***** Dataset extract

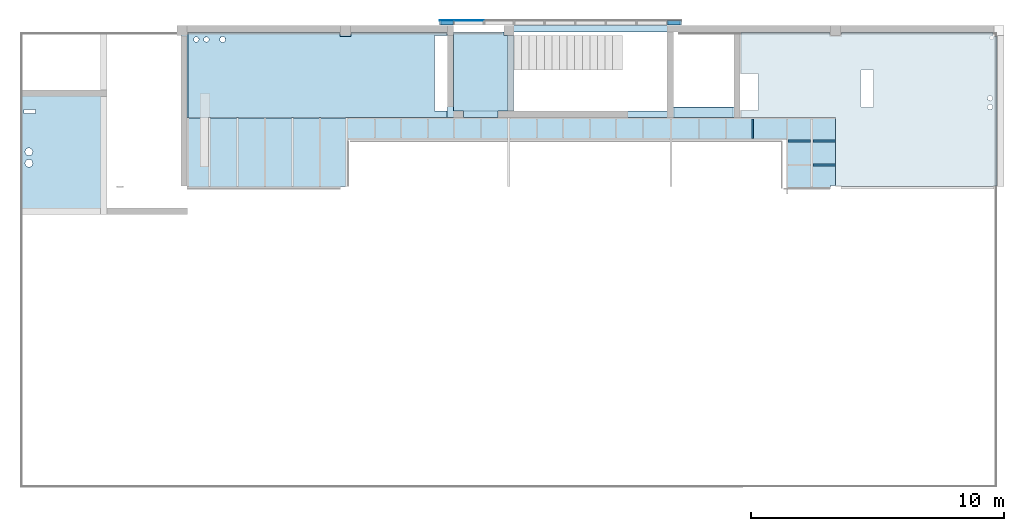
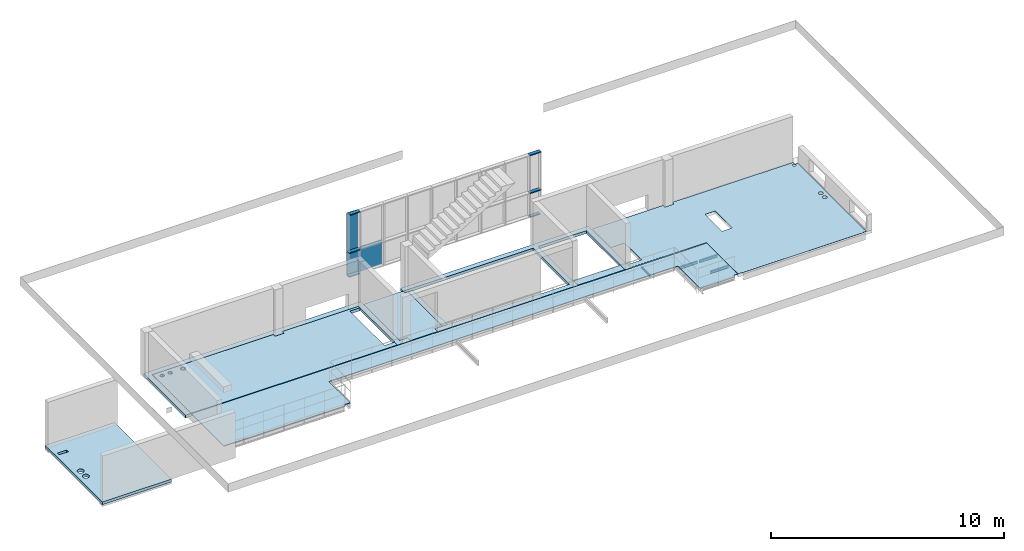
# One storey, part 5 of 8: 7 slabs, 6 members, 4 beams, 3 plates, 6 openings, 1 element without a shape of its own.
"""IFC2X3 building model written with IfcOpenShell, lengths in centimetres."""

from ifc_helpers import new_model, entity, si_unit, converted_unit, derived_unit, direction, frame, frame_2d, origin, origin_2d_with_axis, place, context, subcontext, project, spatial, polyline, circle_curve, parameter, trimmed, segment, composite_curve, rectangle, circle, i_section, outline, extrude, source, transform, mapped, material, layer, layer_set, layer_usage, type_object, type_shapes, element, aggregate, save


model = new_model("IFC2X3")

# Units and contexts
model_context = context("Model", 3, precision=0.001, world=origin(), true_north=direction((6.12303176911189e-17, 1.0)))
body_context = subcontext(model_context, "Body", "Model", "MODEL_VIEW")
ifc_project = project(units=[si_unit("LENGTHUNIT", "METRE", prefix="CENTI"), si_unit("AREAUNIT", "SQUARE_METRE"), si_unit("VOLUMEUNIT", "CUBIC_METRE"), converted_unit("PLANEANGLEUNIT", "DEGREE", entity("IfcRatioMeasure", 0.0174532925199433), si_unit("PLANEANGLEUNIT", "RADIAN"), dimensions=[0, 0, 0, 0, 0, 0, 0]), si_unit("MASSUNIT", "GRAM", prefix="KILO"), derived_unit("MASSDENSITYUNIT", [(si_unit("MASSUNIT", "GRAM", prefix="KILO"), 1), (si_unit("LENGTHUNIT", "METRE"), -3)]), derived_unit("MOMENTOFINERTIAUNIT", [(si_unit("LENGTHUNIT", "METRE"), 4)]), si_unit("TIMEUNIT", "SECOND"), si_unit("FREQUENCYUNIT", "HERTZ"), si_unit("THERMODYNAMICTEMPERATUREUNIT", "DEGREE_CELSIUS"), derived_unit("THERMALTRANSMITTANCEUNIT", [(si_unit("MASSUNIT", "GRAM", prefix="KILO"), 1), (si_unit("THERMODYNAMICTEMPERATUREUNIT", "KELVIN"), -1), (si_unit("TIMEUNIT", "SECOND"), -3)]), derived_unit("VOLUMETRICFLOWRATEUNIT", [(si_unit("LENGTHUNIT", "METRE"), 3), (si_unit("TIMEUNIT", "SECOND"), -1)]), si_unit("ELECTRICCURRENTUNIT", "AMPERE"), si_unit("ELECTRICVOLTAGEUNIT", "VOLT"), si_unit("POWERUNIT", "WATT"), si_unit("FORCEUNIT", "NEWTON", prefix="KILO"), si_unit("ILLUMINANCEUNIT", "LUX"), si_unit("LUMINOUSFLUXUNIT", "LUMEN"), si_unit("LUMINOUSINTENSITYUNIT", "CANDELA"), derived_unit("USERDEFINED", [(si_unit("MASSUNIT", "GRAM", prefix="KILO"), -1), (si_unit("LENGTHUNIT", "METRE"), -2), (si_unit("TIMEUNIT", "SECOND"), 3), (si_unit("LUMINOUSFLUXUNIT", "LUMEN"), 1)]), derived_unit("LINEARVELOCITYUNIT", [(si_unit("LENGTHUNIT", "METRE"), 1), (si_unit("TIMEUNIT", "SECOND"), -1)]), si_unit("PRESSUREUNIT", "PASCAL"), derived_unit("USERDEFINED", [(si_unit("LENGTHUNIT", "METRE"), -2), (si_unit("MASSUNIT", "GRAM", prefix="KILO"), 1), (si_unit("TIMEUNIT", "SECOND"), -2)]), derived_unit("LINEARFORCEUNIT", [(si_unit("MASSUNIT", "GRAM", prefix="KILO"), 1), (si_unit("LENGTHUNIT", "METRE"), 1), (si_unit("TIMEUNIT", "SECOND"), -2), (si_unit("LENGTHUNIT", "METRE"), -1)]), derived_unit("PLANARFORCEUNIT", [(si_unit("MASSUNIT", "GRAM", prefix="KILO"), 1), (si_unit("LENGTHUNIT", "METRE"), 1), (si_unit("TIMEUNIT", "SECOND"), -2), (si_unit("LENGTHUNIT", "METRE"), -2)])], contexts=[model_context])

# Site, building, storey
site_placement = place(None, origin())
site = spatial("IfcSite", under=ifc_project, at=site_placement, Name="Default", CompositionType="ELEMENT")
building_placement = place(site_placement, origin())
building = spatial("IfcBuilding", under=site, at=building_placement, CompositionType="ELEMENT")
storey_placement = place(building_placement, frame((0.0, 0.0, 290.0)))
storey = spatial("IfcBuildingStorey", under=building, at=storey_placement, Name="Poziom Antresola +2,90", CompositionType="ELEMENT", Elevation=290.0)

# Beams
ifc_material_1 = material(Name="Stal konstrukcyjna - S235")
beam_type_1 = type_object("IfcBeamType", Name="IPE:IPE100", PredefinedType="NOTDEFINED")
beam_1_placement = place(storey_placement, frame((-16.2651065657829, 1624.96745293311, 0.0), z_axis=(0.0, 0.0, 1.0), x_axis=(0.0, 1.0, 0.0)))
element("IfcBeam", 1, at=beam_1_placement, inside=storey, type_object=beam_type_1, material=ifc_material_1, Name="IPE:IPE100", ObjectType="IPE:IPE100", context=body_context, shape_type="SweptSolid", body=[
    extrude(i_section(OverallWidth=5.50000000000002, OverallDepth=10.0, WebThickness=0.410000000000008, FlangeThickness=0.570000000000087, FilletRadius=0.700000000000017, at=frame_2d((5.41788836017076e-14, 4.21884749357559e-15), x_axis=(0.0, 1.0))), frame((34.6600000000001, 0.0, -8.0), z_axis=(1.0, 0.0, 0.0), x_axis=(0.0, 0.0, -1.0)), (0.0, 0.0, 1.0), 76.9999993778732),
])
beam_type_2 = type_object("IfcBeamType", Name="IPE:IPE140", PredefinedType="NOTDEFINED")
beam_2_placement = place(storey_placement, frame((123.234891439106, 1649.1274528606, 0.0)))
element("IfcBeam", 2, at=beam_2_placement, inside=storey, type_object=beam_type_2, material=ifc_material_1, Name="IPE:IPE140", ObjectType="IPE:IPE140", context=body_context, shape_type="SweptSolid", body=[
    extrude(i_section(OverallWidth=7.30000000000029, OverallDepth=14.0, WebThickness=0.469999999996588, FlangeThickness=0.69000000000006, FilletRadius=0.700000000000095, at=frame_2d((8.12683254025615e-14, -2.16715534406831e-13), x_axis=(0.0, 1.0))), frame((0.0, 0.0, -10.0), z_axis=(1.0, 0.0, 0.0), x_axis=(0.0, 0.0, -1.0)), (0.0, 0.0, 1.0), 89.3999945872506),
])
beam_3_placement = place(storey_placement, frame((216.734886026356, 1555.1274524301, 0.0)))
element("IfcBeam", 3, at=beam_3_placement, inside=storey, type_object=beam_type_2, material=ifc_material_1, Name="IPE:IPE140", ObjectType="IPE:IPE140", context=body_context, shape_type="SweptSolid", body=[
    extrude(i_section(OverallWidth=7.30000000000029, OverallDepth=14.0, WebThickness=0.469999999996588, FlangeThickness=0.69000000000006, FilletRadius=0.700000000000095, at=frame_2d((8.12683254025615e-14, 4.32986979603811e-13), x_axis=(0.0, 1.0))), frame((4.10499600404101, 0.0, -10.0), z_axis=(1.0, 0.0, 0.0), x_axis=(0.0, 0.0, -1.0)), (0.0, 0.0, 1.0), 89.895008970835),
])
beam_4_placement = place(storey_placement, frame((216.734886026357, 1649.12745236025, 0.0)))
element("IfcBeam", 4, at=beam_4_placement, inside=storey, type_object=beam_type_2, material=ifc_material_1, Name="IPE:IPE140", ObjectType="IPE:IPE140", context=body_context, shape_type="SweptSolid", body=[
    extrude(i_section(OverallWidth=7.30000000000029, OverallDepth=14.0, WebThickness=0.469999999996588, FlangeThickness=0.69000000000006, FilletRadius=0.700000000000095, at=frame_2d((8.12683254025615e-14, 2.16715534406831e-13), x_axis=(0.0, 1.0))), frame((4.10000000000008, 0.0, -10.0), z_axis=(1.0, 0.0, 0.0), x_axis=(0.0, 0.0, -1.0)), (0.0, 0.0, 1.0), 89.9000049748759),
])

# Curtain wall, members
curtain_wall_type = type_object("IfcCurtainWallType", Name="Ściana osłonowa:SO2", PredefinedType="NOTDEFINED")
curtain_wall_placement = place(storey_placement, frame((0.0, 0.0, -290.0)))
curtain_wall = element("IfcCurtainWall", 5, at=curtain_wall_placement, inside=storey, type_object=curtain_wall_type, Name="Ściana osłonowa:SO2", ObjectType="Ściana osłonowa:SO2")
ifc_material_2 = material(Name="Aluminium")
member_type_1 = type_object("IfcMemberType", Name="Prostokątny szpros:50 x 175mm", PredefinedType="MULLION", material=ifc_material_2)
shared_shape_1 = source(origin(), body_context, "Body", "SweptSolid", [
    extrude(rectangle(XDim=17.5, YDim=5.0, at=origin_2d_with_axis()), frame((-2.5, 0.0, -56.0), z_axis=(0.0, 0.0, 1.0), x_axis=(0.0, -1.0, 0.0)), (0.0, 0.0, 1.0), 56.0),
])
type_shapes(member_type_1, [shared_shape_1])
member_1_placement = place(curtain_wall_placement, frame((-298.265132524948, 2116.37745208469, 761.0), z_axis=(1.0, 0.0, 0.0), x_axis=(0.0, 0.0, 1.0)))
member_1 = element("IfcMember", 6, at=member_1_placement, type_object=member_type_1, Name="Prostokątny szpros:50 x 175mm", ObjectType="Prostokątny szpros:50 x 175mm", context=body_context, shape_type="MappedRepresentation", body=[
    mapped(shared_shape_1, transform((0.0, 0.0, 0.0), scale=1.0)),
])
member_type_2 = type_object("IfcMemberType", Name="Prostokątny szpros:50 x 175mm", PredefinedType="MULLION", material=ifc_material_2)
shared_shape_2 = source(origin(), body_context, "Body", "SweptSolid", [
    extrude(rectangle(XDim=17.5, YDim=5.0, at=origin_2d_with_axis()), frame((-2.5, 0.0, -53.5000000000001), z_axis=(0.0, 0.0, 1.0), x_axis=(0.0, -1.0, 0.0)), (0.0, 0.0, 1.0), 53.5000000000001),
])
type_shapes(member_type_2, [shared_shape_2])
member_2_placement = place(curtain_wall_placement, frame((-1252.7651152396, 2116.37745208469, 432.499988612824), z_axis=(-1.0, 0.0, 0.0), x_axis=(0.0, 0.0, -1.0)))
member_2 = element("IfcMember", 7, at=member_2_placement, type_object=member_type_2, Name="Prostokątny szpros:50 x 175mm", ObjectType="Prostokątny szpros:50 x 175mm", context=body_context, shape_type="MappedRepresentation", body=[
    mapped(shared_shape_2, transform((0.0, 0.0, 0.0), scale=1.0)),
])
member_type_3 = type_object("IfcMemberType", Name="Prostokątny szpros:50 x 175mm", PredefinedType="MULLION", material=ifc_material_2)
shared_shape_3 = source(origin(), body_context, "Body", "SweptSolid", [
    extrude(rectangle(XDim=17.5, YDim=5.0, at=origin_2d_with_axis()), frame((-2.5, 0.0, -48.5000000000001), z_axis=(0.0, 0.0, 1.0), x_axis=(0.0, -1.0, 0.0)), (0.0, 0.0, 1.0), 48.5000000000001),
])
type_shapes(member_type_3, [shared_shape_3])
member_3_placement = place(curtain_wall_placement, frame((-351.765132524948, 2116.37745208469, 432.499988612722), z_axis=(-1.0, 0.0, 0.0), x_axis=(0.0, 0.0, -1.0)))
member_3 = element("IfcMember", 8, at=member_3_placement, type_object=member_type_3, Name="Prostokątny szpros:50 x 175mm", ObjectType="Prostokątny szpros:50 x 175mm", context=body_context, shape_type="MappedRepresentation", body=[
    mapped(shared_shape_3, transform((0.0, 0.0, 0.0), scale=1.0)),
])
member_type_4 = type_object("IfcMemberType", Name="Prostokątny szpros:50 x 175mm", PredefinedType="MULLION", material=ifc_material_2)
shared_shape_4 = source(origin(), body_context, "Body", "SweptSolid", [
    extrude(rectangle(XDim=17.5, YDim=5.0, at=origin_2d_with_axis()), frame((-2.5, 0.0, -51.0), z_axis=(0.0, 0.0, 1.0), x_axis=(0.0, -1.0, 0.0)), (0.0, 0.0, 1.0), 51.0000000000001),
])
type_shapes(member_type_4, [shared_shape_4])
member_4_placement = place(curtain_wall_placement, frame((-1196.7651152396, 2116.37745208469, 761.0), z_axis=(1.0, 0.0, 0.0), x_axis=(0.0, 0.0, 1.0)))
member_4 = element("IfcMember", 9, at=member_4_placement, type_object=member_type_4, Name="Prostokątny szpros:50 x 175mm", ObjectType="Prostokątny szpros:50 x 175mm", context=body_context, shape_type="MappedRepresentation", body=[
    mapped(shared_shape_4, transform((0.0, 0.0, 0.0), scale=1.0)),
])
member_type_5 = type_object("IfcMemberType", Name="Prostokątny szpros:50 x 175mm", PredefinedType="MULLION", material=ifc_material_2)
shared_shape_5 = source(origin(), body_context, "Body", "SweptSolid", [
    extrude(rectangle(XDim=17.5, YDim=5.0, at=origin_2d_with_axis()), frame((0.0, 0.0, -56.0), z_axis=(0.0, 0.0, 1.0), x_axis=(0.0, -1.0, 0.0)), (0.0, 0.0, 1.0), 56.0),
])
type_shapes(member_type_5, [shared_shape_5])
member_5_placement = place(curtain_wall_placement, frame((-1196.7651152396, 2116.37745208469, 559.999988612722), z_axis=(1.0, 0.0, 0.0), x_axis=(0.0, 0.0, 1.0)))
member_5 = element("IfcMember", 10, at=member_5_placement, type_object=member_type_5, Name="Prostokątny szpros:50 x 175mm", ObjectType="Prostokątny szpros:50 x 175mm", context=body_context, shape_type="MappedRepresentation", body=[
    mapped(shared_shape_5, transform((0.0, 0.0, 0.0), scale=1.0)),
])
member_type_6 = type_object("IfcMemberType", Name="Prostokątny szpros:50 x 175mm", PredefinedType="MULLION", material=ifc_material_2)
shared_shape_6 = source(origin(), body_context, "Body", "SweptSolid", [
    extrude(rectangle(XDim=17.5, YDim=5.0, at=origin_2d_with_axis()), frame((0.0, 0.0, -56.0), z_axis=(0.0, 0.0, 1.0), x_axis=(0.0, -1.0, 0.0)), (0.0, 0.0, 1.0), 56.0),
])
type_shapes(member_type_6, [shared_shape_6])
member_6_placement = place(curtain_wall_placement, frame((-298.265132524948, 2116.37745208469, 559.999988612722), z_axis=(1.0, 0.0, 0.0), x_axis=(0.0, 0.0, 1.0)))
member_6 = element("IfcMember", 11, at=member_6_placement, type_object=member_type_6, Name="Prostokątny szpros:50 x 175mm", ObjectType="Prostokątny szpros:50 x 175mm", context=body_context, shape_type="MappedRepresentation", body=[
    mapped(shared_shape_6, transform((0.0, 0.0, 0.0), scale=1.0)),
])

# Slab, openings
ifc_material_3 = material(Name="_Beton, C25/30")
ifc_layer_1 = layer(ifc_material_3, 15.0)
ifc_layer_set_1 = layer_set([ifc_layer_1], Name="Strop:Strop żebetowy gr. 15cm")
ifc_layer_usage_1 = layer_usage(ifc_layer_set_1, "AXIS3", "POSITIVE", 0.0)
slab_type_1 = type_object("IfcSlabType", Name="Strop:Strop żebetowy gr. 15cm", PredefinedType="FLOOR", material=ifc_layer_set_1)
slab_1_placement = place(storey_placement, frame((-2909.26510525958, 1359.12745234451, -15.0)))
slab_1 = element("IfcSlab", 12, at=slab_1_placement, inside=storey, type_object=slab_type_1, material=ifc_layer_usage_1, Name="Strop:Strop żebetowy gr. 15cm", ObjectType="Strop:Strop żebetowy gr. 15cm", PredefinedType="FLOOR", context=body_context, shape_type="SweptSolid", body=[
    extrude(rectangle(XDim=490.89999972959, YDim=343.499988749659, at=frame_2d((0.0, 0.0), x_axis=(0.0, -1.0))), frame((171.74999437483, 245.449999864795, 15.0), z_axis=(0.0, 0.0, -1.0), x_axis=(-1.0, 0.0, 0.0)), (0.0, 0.0, 1.0), 15.0),
])
opening_1_placement = place(slab_1_placement, frame((35.3814668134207, 247.499996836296, 15.0)))
element("IfcOpeningElement", 13, at=opening_1_placement, cuts=slab_1, Name="Strop:Strop żebetowy gr. 15cm:2", ObjectType="Opening", context=body_context, shape_type="SweptSolid", body=[
    extrude(circle(Radius=15.0, at=origin_2d_with_axis()), frame((0.0, 0.0, 0.0), z_axis=(0.0, 0.0, -1.0), x_axis=(1.0, 0.0, 0.0)), (0.0, 0.0, 1.0), 15.0),
])
opening_2_placement = place(slab_1_placement, frame((35.3814668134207, 202.499996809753, 15.0)))
element("IfcOpeningElement", 14, at=opening_2_placement, cuts=slab_1, Name="Strop:Strop żebetowy gr. 15cm:3", ObjectType="Opening", context=body_context, shape_type="SweptSolid", body=[
    extrude(circle(Radius=15.0, at=origin_2d_with_axis()), frame((0.0, 0.0, 0.0), z_axis=(0.0, 0.0, -1.0), x_axis=(1.0, 0.0, 0.0)), (0.0, 0.0, 1.0), 15.0),
])
opening_3_placement = place(slab_1_placement, frame((38.2499982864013, 406.499999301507, 15.0)))
element("IfcOpeningElement", 15, at=opening_3_placement, cuts=slab_1, Name="Strop:Strop żebetowy gr. 15cm:4", ObjectType="Opening", context=body_context, shape_type="SweptSolid", body=[
    extrude(rectangle(XDim=15.0000000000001, YDim=46.5000021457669, at=origin_2d_with_axis()), frame((0.0, 0.0, 0.0), z_axis=(0.0, 0.0, -1.0), x_axis=(0.0, -1.0, 0.0)), (0.0, 0.0, 1.0), 15.0),
])

# Slabs
ifc_layer_usage_2 = layer_usage(ifc_layer_set_1, "AXIS3", "POSITIVE", 0.0)
slab_type_2 = type_object("IfcSlabType", Name="Strop:Strop żebetowy gr. 15cm", PredefinedType="FLOOR", material=ifc_layer_set_1)
slab_2_placement = place(storey_placement, origin())
element("IfcSlab", 16, at=slab_2_placement, inside=storey, type_object=slab_type_2, material=ifc_layer_usage_2, Name="Strop:Strop żebetowy gr. 15cm", ObjectType="Strop:Strop żebetowy gr. 15cm", PredefinedType="FLOOR", context=body_context, shape_type="SweptSolid", body=[
    extrude(outline(polyline([(-1100.15387727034, -217.769230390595), (-1075.15387253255, -217.769230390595), (1108.3462582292, -217.76923039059), (1108.34625822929, 144.230768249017), (174.846138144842, 144.23076824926), (174.846138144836, 119.230769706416), (214.846138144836, 119.230769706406), (819.846135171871, 119.230769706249), (819.84613517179, -192.769230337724), (-22.6538547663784, -192.769230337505), (-22.6538421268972, 144.230768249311), (-1100.15387727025, 144.230768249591), (-1100.15387727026, 104.230769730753), (-1100.15387727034, -217.769230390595)]), holes=[polyline([(844.84613517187, 119.230768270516), (1083.34625822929, 119.230768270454), (1083.34625822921, -177.204489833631), (844.846135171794, -177.204489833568), (844.84613517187, 119.230768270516)]), polyline([(-47.653842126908, 104.230769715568), (-47.6538421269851, -192.769230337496), (-98.6538583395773, -192.769230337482), (-98.6538583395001, 104.230769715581), (-47.653842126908, 104.230769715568)]), composite_curve([segment(trimmed(circle_curve(frame_2d((-1039.15387341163, 89.2307697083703), x_axis=(1.0, 0.0)), 10.0), [parameter(180.0)], [parameter(0.0)], True, "PARAMETER"), False, "CONTINUOUS"), segment(trimmed(circle_curve(frame_2d((-1039.15387341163, 89.2307697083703), x_axis=(1.0, 0.0)), 10.0), [parameter(0.0)], [parameter(180.0)], True, "PARAMETER"), False, "CONTINUOUS")], self_intersect=False), composite_curve([segment(trimmed(circle_curve(frame_2d((-999.153873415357, 89.23076970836), x_axis=(1.0, 0.0)), 10.0), [parameter(180.0)], [parameter(0.0)], True, "PARAMETER"), False, "CONTINUOUS"), segment(trimmed(circle_curve(frame_2d((-999.153873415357, 89.23076970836), x_axis=(1.0, 0.0)), 10.0), [parameter(0.0)], [parameter(180.0)], True, "PARAMETER"), False, "CONTINUOUS")], self_intersect=False), composite_curve([segment(trimmed(circle_curve(frame_2d((-935.153873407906, 89.230769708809), x_axis=(1.0, 0.0)), 11.5), [parameter(180.0)], [parameter(0.0)], True, "PARAMETER"), False, "CONTINUOUS"), segment(trimmed(circle_curve(frame_2d((-935.153873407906, 89.230769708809), x_axis=(1.0, 0.0)), 11.5), [parameter(0.0)], [parameter(180.0)], True, "PARAMETER"), False, "CONTINUOUS")], self_intersect=False)]), frame((-1174.11124714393, 1960.89668234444, -15.0)), (0.0, 0.0, 1.0), 15.0),
])
ifc_material_4 = material(Name="_Metal krata pomostowa")
ifc_layer_2 = layer(ifc_material_4, 3.0)
ifc_layer_set_2 = layer_set([ifc_layer_2], Name="Strop:Podłoga techniczna z płyt pomostowych 3 cm")
ifc_layer_usage_3 = layer_usage(ifc_layer_set_2, "AXIS3", "POSITIVE", 0.0)
slab_type_3 = type_object("IfcSlabType", Name="Strop:Podłoga techniczna z płyt pomostowych 3 cm", PredefinedType="FLOOR", material=ifc_layer_set_2)
slab_3_placement = place(storey_placement, origin())
element("IfcSlab", 17, at=slab_3_placement, inside=storey, type_object=slab_type_3, material=ifc_layer_usage_3, Name="Strop:Podłoga techniczna z płyt pomostowych 3 cm", ObjectType="Strop:Podłoga techniczna z płyt pomostowych 3 cm", PredefinedType="FLOOR", context=body_context, shape_type="SweptSolid", body=[
    extrude(outline(polyline([(-82.0833333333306, -1448.91747926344), (197.416666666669, -1448.91747926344), (197.416666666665, 1108.58253540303), (-70.0833333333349, 1108.58253540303), (-70.083333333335, 1088.58253540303), (-82.0833333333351, 1088.58253540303), (-82.0833333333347, 914.582535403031), (109.916666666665, 914.582535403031), (109.916666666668, -816.415063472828), (-73.0833333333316, -816.415063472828), (-73.0833333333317, -846.415063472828), (-82.0833333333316, -846.415063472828), (-82.0833333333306, -1448.91747926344)])), frame((-797.847640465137, 1543.21078528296, 0.0), z_axis=(0.0, 0.0, -1.0), x_axis=(0.0, 1.0, 0.0)), (0.0, 0.0, 1.0), 3.00000000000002),
])

# Plate
ifc_material_5 = material(Name="Domyślny")
plate_type_1 = type_object("IfcPlateType", Name="Panel systemowy:Bryła", PredefinedType="CURTAIN_PANEL", material=ifc_material_5)
shared_shape_7 = source(origin(), body_context, "Body", "SweptSolid", [
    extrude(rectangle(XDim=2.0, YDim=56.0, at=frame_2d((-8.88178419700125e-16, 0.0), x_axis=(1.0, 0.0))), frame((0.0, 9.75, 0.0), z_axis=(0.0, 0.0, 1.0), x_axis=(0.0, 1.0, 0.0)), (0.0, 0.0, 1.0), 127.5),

**********

## Exercise description
Print the data above verbatim from the first line through the line holding "from ifc_helpers import", leaving every picture out.

## Written answer
# One storey, part 5 of 8: 7 slabs, 6 members, 4 beams, 3 plates, 6 openings, 1 element without a shape of its own.
"""IFC2X3 building model written with IfcOpenShell, lengths in centimetres."""

from ifc_helpers import new_model, entity, si_unit, converted_unit, derived_unit, direction, frame, frame_2d, origin, origin_2d_with_axis, place, context, subcontext, project, spatial, polyline, circle_curve, parameter, trimmed, segment, composite_curve, rectangle, circle, i_section, outline, extrude, source, transform, mapped, material, layer, layer_set, layer_usage, type_object, type_shapes, element, aggregate, save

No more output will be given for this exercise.